_Work request:_ Each line of the records that holds the word "part" should be copied out.

_Information provided:_
============================================================

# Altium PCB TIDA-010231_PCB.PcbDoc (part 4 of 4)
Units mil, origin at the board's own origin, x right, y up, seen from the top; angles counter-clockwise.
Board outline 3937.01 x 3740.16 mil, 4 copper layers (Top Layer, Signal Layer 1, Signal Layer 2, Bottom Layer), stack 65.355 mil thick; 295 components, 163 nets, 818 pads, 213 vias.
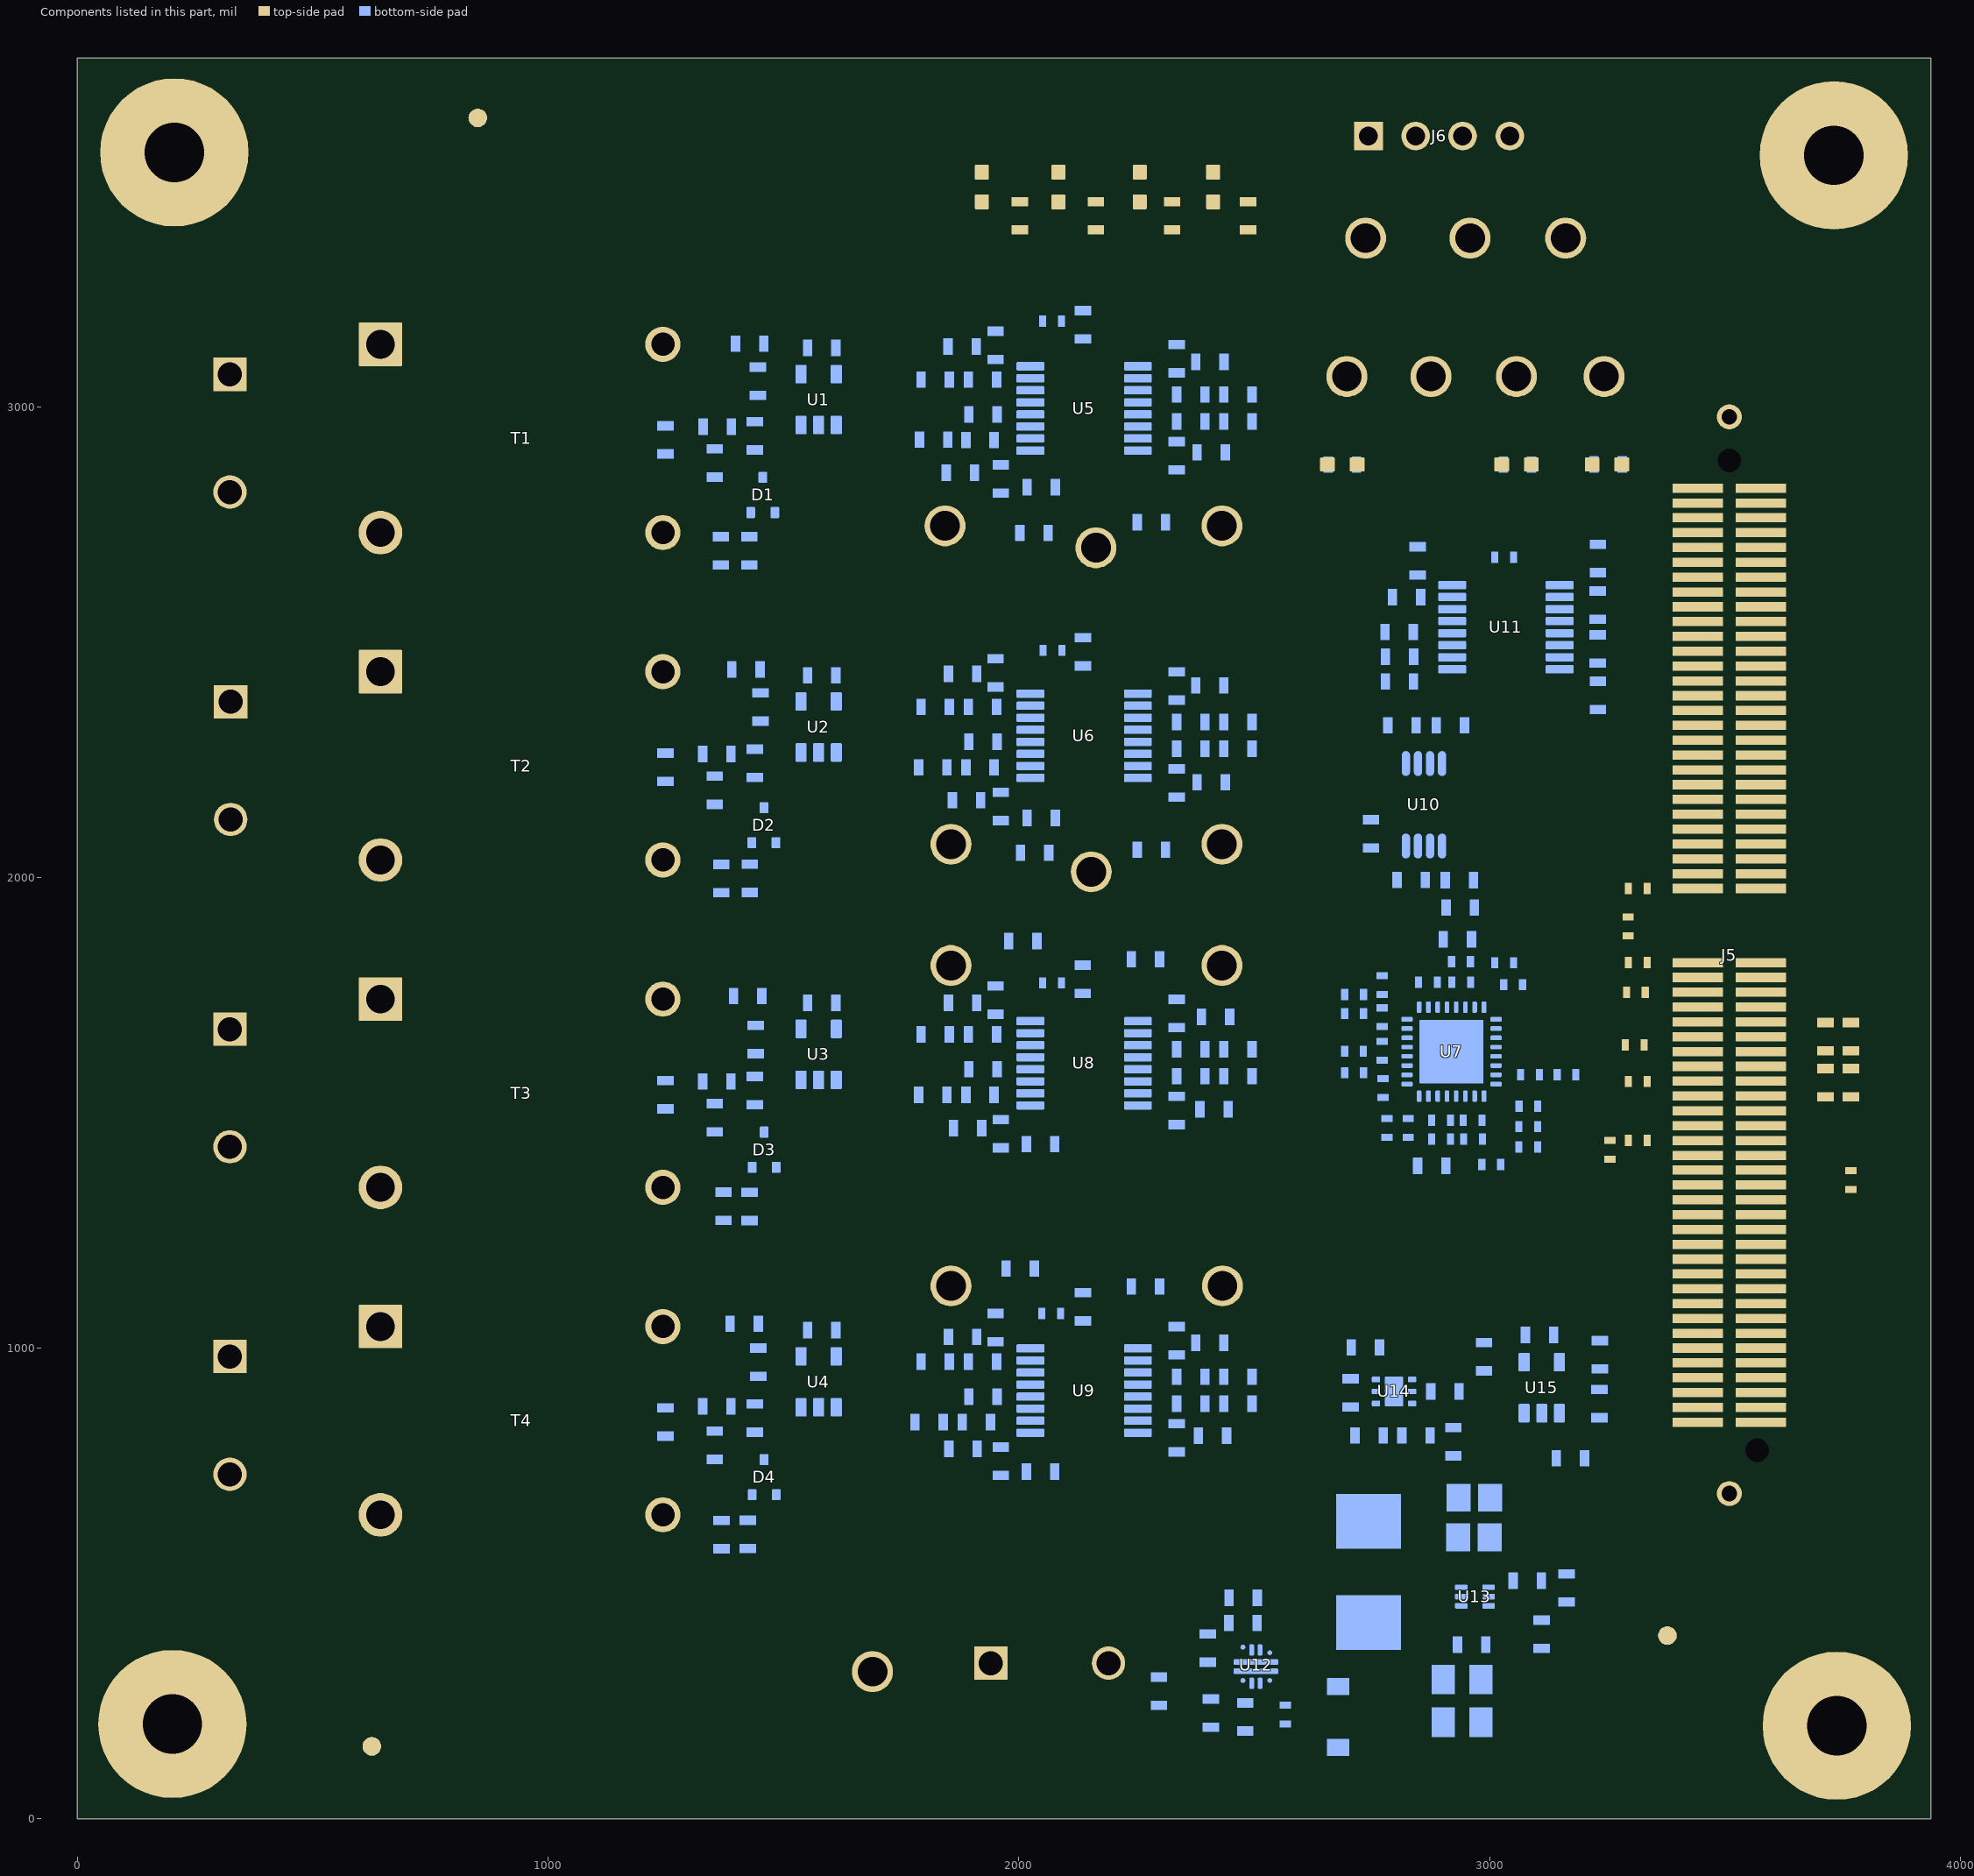
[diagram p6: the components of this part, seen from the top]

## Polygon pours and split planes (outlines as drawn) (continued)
NetC73_2 on Bottom Layer "BOTTOM_LAYER_NETC73_2_P401" (solid, remove dead copper, pour order 401): 2953.13,478.2 2953.13,466.26 2953.1,466.23 2952.97,466.36 2922.81,466.36 2840.31,383.86 2840.31,359.94 2692.08,359.94 2692,359.87 2692,477.12
GND on Bottom Layer "BOTTOM_LAYER_GND_P402" (solid, remove dead copper, pour order 402): 3097.94,573.68 3098.31,573.32 3143.73,573.32 3143.73,710.59 2976.95,710.59 2976.95,551.64 2894.76,551.64 2894.76,514.52 2922.32,486.96 2953.31,486.96 2957.63,482.64 2957.63,165.13 3191.88,165.13 3191.88,390.3 3098.57,390.3 3050.14,438.73 2976.95,438.73 2976.95,505.66 3029.93,505.66
NetC84_1 on Bottom Layer "BOTTOM_LAYER_NETC84_1_P398" (solid, pour order 398): 2553.65,235.54 2553.65,248.95 2525.4,277.19 2525.4,298.9 2557.77,298.9 2579.89,276.77 2579.89,235.54
GND on Bottom Layer "BOTTOM_LAYER_GND_P425" (solid, remove dead copper, pour order 425): 3307.87,2568.6 3221.36,2568.6 3181.29,2528.53 3111.39,2528.53 3111.39,2606.57 3108.88,2609.08 2963.66,2609.08 2963.66,2456.53 2964.7,2455.49 3106.68,2455.49 3106.68,2495.25 3123.2,2511.77 3199.78,2511.77 3222,2489.55 3308.14,2489.55
3V3 on Bottom Layer "BOTTOM_LAYER_3V3_P420" (solid, remove dead copper, pour order 420): 3114.42,1035.32 3104.82,1044.92 3104.82,1093.03 3260.4,1093.03 3260.4,993.13 3218.44,993.13 3172.98,947.67 3126.31,947.67 3114.42,959.57
GND on Bottom Layer "BOTTOM_LAYER_GND_P419" (solid, remove dead copper, pour order 419): 3024.94,1916.26 3024.94,2342.01 2889.01,2342.01 2889.01,2206.39 2726.94,2206.39 2726.94,2110.57 2955.87,2110.57 2976.96,2089.48 2974.77,2087.3 2974.77,2013.76 2955.87,2013.76 2955.87,1916.26
2V5 on Bottom Layer "BOTTOM_LAYER_2V5_P416" (solid, pour order 416): 2874.5,1712.44 2874.5,1745.75 2854.89,1765.36 2854.89,1804.19 2840.69,1804.19 2840.69,1718.34 2846.6,1712.44
NetC77_1 on Bottom Layer "BOTTOM_LAYER_NETC77_1_P411" (solid, pour order 411): 2826.94,887.91 2827.02,887.98 2847.15,887.98 2892.76,842.37 2940.86,842.37 2940.86,794.84 2840.24,794.84 2840.24,852.84 2826.41,866.66 2826.41,888.65
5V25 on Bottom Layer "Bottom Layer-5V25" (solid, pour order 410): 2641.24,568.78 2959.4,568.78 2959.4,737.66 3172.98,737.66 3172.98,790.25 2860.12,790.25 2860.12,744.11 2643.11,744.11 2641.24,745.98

============================================================

_Exercise result:_
# Altium PCB TIDA-010231_PCB.PcbDoc (part 4 of 4)
[diagram p6: the components of this part, seen from the top]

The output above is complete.